She was only glad that Esperanza had been able to slip Isabella down the back stairs for her outing, with no questions asked.

She glanced at the small clock on her library mantel, and realized that he had been waiting for almost fifteen minutes. Carmen was many things, but she hoped that rude was not one of them! She patted her hair once more, smoothed the skirts of her blue muslin morning gown, and went to meet her fate.

His back was to her as he studied the view out of her windows, but even so he quite overwhelmed the small drawing room. His elegant doeskin breeches, blue coat, and champagne polished boots gleamed among her well-loved, well-traveled, if rather battered Spanish antiques. A mahogany walking stick and a pair of butter-soft chamois gloves rested on a crate of still-to-be-unpacked paintings.

Carmen nudged a doll that lay on the carpet beneath a chair with the toe of her slipper, and gathered her Indian cashmere shawl closer about her shoulders. “Good morning, Peter.

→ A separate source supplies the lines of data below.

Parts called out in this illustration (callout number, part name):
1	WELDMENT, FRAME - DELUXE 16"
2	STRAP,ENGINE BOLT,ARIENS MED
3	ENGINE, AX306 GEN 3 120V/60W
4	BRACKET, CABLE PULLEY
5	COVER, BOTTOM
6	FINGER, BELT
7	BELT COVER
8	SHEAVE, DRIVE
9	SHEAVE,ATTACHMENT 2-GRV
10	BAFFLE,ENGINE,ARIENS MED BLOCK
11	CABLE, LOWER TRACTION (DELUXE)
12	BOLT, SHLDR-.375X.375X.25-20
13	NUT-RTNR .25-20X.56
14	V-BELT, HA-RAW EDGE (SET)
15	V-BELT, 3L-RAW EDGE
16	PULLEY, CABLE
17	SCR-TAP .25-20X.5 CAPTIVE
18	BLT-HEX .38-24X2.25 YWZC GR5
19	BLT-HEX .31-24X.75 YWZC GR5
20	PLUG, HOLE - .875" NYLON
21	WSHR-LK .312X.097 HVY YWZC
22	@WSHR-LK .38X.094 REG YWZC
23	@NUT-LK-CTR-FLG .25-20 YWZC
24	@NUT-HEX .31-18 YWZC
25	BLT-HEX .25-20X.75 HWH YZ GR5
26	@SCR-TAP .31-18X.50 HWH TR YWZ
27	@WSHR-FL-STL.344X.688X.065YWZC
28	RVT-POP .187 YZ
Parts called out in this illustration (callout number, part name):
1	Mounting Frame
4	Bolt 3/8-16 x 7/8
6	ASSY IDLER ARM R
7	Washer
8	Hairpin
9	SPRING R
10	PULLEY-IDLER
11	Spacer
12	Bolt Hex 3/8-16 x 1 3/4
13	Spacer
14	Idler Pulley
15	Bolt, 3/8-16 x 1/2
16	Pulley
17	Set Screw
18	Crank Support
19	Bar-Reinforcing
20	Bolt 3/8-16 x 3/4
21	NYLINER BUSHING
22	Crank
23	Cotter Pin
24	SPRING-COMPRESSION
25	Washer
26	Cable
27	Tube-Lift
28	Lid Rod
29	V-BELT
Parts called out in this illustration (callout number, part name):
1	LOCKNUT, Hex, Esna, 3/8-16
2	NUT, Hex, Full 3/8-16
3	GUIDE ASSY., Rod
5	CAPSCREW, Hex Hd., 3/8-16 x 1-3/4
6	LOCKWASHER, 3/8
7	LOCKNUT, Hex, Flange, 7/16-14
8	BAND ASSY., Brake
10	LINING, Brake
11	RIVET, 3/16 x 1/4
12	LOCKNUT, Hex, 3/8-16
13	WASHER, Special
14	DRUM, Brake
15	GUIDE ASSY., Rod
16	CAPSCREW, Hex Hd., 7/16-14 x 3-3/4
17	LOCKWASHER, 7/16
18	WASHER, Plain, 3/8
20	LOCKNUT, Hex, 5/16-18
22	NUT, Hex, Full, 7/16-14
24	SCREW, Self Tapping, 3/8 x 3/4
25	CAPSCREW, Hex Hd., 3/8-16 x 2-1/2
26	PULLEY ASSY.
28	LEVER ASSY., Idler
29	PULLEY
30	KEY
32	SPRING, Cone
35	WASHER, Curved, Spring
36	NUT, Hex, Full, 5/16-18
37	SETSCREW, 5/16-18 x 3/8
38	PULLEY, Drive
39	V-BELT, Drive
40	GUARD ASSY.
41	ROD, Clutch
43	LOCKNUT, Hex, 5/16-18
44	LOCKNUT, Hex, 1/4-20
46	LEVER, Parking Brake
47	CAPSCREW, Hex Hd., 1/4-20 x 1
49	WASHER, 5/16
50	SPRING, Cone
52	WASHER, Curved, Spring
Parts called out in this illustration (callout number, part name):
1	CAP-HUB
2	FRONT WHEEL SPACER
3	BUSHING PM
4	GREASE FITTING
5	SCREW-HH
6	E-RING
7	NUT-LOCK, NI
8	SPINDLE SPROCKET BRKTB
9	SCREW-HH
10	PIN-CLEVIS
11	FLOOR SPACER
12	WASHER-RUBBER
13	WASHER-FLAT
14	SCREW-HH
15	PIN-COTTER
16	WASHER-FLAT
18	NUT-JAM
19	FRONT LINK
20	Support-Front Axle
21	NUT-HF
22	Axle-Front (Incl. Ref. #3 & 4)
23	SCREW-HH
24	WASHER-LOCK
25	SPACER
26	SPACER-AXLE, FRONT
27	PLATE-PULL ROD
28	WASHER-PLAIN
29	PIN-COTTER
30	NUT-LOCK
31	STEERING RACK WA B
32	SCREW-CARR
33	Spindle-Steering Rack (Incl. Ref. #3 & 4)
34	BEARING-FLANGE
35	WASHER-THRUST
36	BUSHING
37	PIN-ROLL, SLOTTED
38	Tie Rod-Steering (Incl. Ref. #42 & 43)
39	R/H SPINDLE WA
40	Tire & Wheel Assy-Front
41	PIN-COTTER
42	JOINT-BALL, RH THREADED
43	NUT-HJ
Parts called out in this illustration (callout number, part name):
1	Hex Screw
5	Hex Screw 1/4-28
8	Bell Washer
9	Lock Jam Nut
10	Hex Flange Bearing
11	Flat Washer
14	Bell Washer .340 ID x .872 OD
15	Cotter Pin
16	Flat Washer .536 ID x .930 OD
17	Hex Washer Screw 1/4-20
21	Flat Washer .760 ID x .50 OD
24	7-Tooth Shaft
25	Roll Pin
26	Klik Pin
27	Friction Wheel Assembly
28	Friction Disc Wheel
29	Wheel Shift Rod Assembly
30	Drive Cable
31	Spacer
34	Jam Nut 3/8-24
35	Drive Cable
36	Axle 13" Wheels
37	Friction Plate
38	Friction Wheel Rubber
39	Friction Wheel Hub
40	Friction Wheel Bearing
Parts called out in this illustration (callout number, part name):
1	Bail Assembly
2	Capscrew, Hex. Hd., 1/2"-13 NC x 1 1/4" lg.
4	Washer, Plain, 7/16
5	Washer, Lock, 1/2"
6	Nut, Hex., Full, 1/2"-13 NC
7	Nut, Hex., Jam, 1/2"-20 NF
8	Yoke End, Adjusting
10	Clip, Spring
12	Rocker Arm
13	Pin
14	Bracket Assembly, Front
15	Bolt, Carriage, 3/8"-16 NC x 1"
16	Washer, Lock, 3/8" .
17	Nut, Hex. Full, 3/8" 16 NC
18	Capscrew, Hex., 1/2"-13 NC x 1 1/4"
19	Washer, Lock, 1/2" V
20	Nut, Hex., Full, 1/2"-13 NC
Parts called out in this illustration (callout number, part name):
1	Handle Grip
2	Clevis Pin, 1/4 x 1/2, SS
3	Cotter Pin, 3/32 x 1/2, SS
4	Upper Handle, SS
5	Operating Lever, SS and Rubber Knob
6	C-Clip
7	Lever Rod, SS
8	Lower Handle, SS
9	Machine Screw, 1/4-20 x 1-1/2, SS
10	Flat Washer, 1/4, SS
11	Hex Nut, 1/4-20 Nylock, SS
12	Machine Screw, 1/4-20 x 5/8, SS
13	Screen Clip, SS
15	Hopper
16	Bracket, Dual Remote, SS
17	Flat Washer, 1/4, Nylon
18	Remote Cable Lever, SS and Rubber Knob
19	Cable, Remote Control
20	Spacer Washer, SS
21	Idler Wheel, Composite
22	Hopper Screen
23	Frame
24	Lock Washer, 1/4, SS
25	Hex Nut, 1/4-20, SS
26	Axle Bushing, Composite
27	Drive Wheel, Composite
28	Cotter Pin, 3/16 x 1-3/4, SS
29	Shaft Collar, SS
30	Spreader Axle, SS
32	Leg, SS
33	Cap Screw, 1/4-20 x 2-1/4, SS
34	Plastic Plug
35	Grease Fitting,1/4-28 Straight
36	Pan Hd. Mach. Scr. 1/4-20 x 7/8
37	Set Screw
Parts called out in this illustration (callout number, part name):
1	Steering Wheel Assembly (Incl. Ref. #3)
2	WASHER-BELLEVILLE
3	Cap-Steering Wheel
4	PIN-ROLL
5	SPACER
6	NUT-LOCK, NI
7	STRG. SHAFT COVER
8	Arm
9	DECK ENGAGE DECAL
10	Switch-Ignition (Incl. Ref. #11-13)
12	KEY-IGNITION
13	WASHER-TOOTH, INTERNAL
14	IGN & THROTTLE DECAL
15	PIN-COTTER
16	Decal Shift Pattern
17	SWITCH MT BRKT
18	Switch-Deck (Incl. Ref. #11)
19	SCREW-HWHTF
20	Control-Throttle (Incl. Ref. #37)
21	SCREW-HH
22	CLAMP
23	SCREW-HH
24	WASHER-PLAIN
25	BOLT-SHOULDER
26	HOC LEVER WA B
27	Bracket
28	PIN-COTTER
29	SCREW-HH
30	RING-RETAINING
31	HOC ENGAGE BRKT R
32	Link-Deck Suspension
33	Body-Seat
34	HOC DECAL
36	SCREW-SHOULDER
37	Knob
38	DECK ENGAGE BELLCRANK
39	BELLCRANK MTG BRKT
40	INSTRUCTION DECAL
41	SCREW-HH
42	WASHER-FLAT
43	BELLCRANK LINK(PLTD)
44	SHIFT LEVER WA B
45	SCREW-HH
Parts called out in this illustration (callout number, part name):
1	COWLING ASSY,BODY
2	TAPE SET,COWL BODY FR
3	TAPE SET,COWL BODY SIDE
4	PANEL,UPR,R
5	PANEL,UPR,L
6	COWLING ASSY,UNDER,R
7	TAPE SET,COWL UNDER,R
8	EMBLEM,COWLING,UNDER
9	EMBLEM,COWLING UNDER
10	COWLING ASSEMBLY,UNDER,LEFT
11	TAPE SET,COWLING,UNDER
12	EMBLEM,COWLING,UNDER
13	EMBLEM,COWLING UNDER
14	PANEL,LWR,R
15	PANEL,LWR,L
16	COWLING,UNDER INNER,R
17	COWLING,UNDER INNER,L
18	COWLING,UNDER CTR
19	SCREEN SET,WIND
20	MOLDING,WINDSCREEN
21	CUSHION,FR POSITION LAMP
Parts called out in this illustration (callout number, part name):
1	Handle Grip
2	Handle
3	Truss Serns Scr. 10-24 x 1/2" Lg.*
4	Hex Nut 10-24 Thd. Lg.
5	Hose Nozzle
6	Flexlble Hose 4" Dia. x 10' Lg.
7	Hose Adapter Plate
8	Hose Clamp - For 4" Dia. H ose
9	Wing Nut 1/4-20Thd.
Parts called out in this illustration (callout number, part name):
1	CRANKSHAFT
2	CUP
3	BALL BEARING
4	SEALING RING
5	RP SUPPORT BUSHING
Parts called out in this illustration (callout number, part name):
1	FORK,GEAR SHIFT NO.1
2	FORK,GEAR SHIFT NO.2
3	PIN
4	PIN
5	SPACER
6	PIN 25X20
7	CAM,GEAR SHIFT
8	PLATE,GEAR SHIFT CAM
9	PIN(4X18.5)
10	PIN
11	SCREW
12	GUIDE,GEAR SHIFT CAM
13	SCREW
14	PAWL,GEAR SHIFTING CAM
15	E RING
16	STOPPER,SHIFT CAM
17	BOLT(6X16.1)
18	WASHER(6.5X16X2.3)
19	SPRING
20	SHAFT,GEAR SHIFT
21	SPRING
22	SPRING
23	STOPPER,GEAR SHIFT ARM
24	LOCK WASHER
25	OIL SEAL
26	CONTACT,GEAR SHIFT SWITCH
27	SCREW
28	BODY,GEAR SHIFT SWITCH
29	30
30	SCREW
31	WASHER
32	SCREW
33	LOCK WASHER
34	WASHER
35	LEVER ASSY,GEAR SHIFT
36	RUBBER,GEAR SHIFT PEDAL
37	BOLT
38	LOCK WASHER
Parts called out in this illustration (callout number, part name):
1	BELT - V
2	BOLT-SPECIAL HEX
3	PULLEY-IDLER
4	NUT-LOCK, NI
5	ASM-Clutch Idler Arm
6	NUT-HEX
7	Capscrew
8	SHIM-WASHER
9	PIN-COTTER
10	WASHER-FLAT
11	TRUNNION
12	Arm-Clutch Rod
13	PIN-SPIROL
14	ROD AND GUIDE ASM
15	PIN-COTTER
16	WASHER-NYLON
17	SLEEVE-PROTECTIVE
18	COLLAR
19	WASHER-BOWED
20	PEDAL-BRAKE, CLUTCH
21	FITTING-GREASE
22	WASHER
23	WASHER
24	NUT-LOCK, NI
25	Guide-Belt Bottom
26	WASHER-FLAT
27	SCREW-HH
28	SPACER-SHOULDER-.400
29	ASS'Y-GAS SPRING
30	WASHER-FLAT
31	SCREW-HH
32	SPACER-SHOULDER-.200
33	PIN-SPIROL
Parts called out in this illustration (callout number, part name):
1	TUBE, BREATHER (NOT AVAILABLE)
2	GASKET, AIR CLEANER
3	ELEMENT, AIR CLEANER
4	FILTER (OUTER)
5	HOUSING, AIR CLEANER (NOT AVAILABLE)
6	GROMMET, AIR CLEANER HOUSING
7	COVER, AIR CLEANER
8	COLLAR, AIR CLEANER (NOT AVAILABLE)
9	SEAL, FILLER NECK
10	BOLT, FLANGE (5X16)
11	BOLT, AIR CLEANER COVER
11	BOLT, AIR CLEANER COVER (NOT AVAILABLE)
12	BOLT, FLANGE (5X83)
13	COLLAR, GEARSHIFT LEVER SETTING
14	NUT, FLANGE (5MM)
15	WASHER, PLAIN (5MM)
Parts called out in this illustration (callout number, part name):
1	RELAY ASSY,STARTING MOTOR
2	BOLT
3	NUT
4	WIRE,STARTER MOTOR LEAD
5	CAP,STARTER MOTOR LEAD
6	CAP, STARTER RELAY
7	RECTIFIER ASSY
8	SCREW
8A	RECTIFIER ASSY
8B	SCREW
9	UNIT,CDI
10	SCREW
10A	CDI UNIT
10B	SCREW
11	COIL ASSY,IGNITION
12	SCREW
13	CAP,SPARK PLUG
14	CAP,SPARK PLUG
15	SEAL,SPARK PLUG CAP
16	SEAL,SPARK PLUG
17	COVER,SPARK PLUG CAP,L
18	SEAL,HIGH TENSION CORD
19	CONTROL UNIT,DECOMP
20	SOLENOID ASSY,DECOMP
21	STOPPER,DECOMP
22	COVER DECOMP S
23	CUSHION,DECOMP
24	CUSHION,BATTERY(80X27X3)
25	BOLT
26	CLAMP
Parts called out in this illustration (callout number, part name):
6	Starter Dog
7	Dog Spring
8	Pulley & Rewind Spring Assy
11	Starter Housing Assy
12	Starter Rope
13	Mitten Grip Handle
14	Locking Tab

Such a surprise to see you.”

He turned and smiled at her, an oddly sweet, crooked half smile. One she remembered so well that she almost forgot to breathe.

“Not a very pleasant surprise, eh, Carmen?” he said quietly.

She looked away to conceal her breathlessness and bewilderment, and sat down on the nearest chair, arranging her skirts carefully. “Not at all, I assure you.” Then she looked up at him again. He seemed more her Peter in the fresh morning light, not so much the intimidating earl as he had been in the modish surroundings of a ton ball. Now, when she watched his familiar face, it seemed almost as if they had been apart for only moments, not years.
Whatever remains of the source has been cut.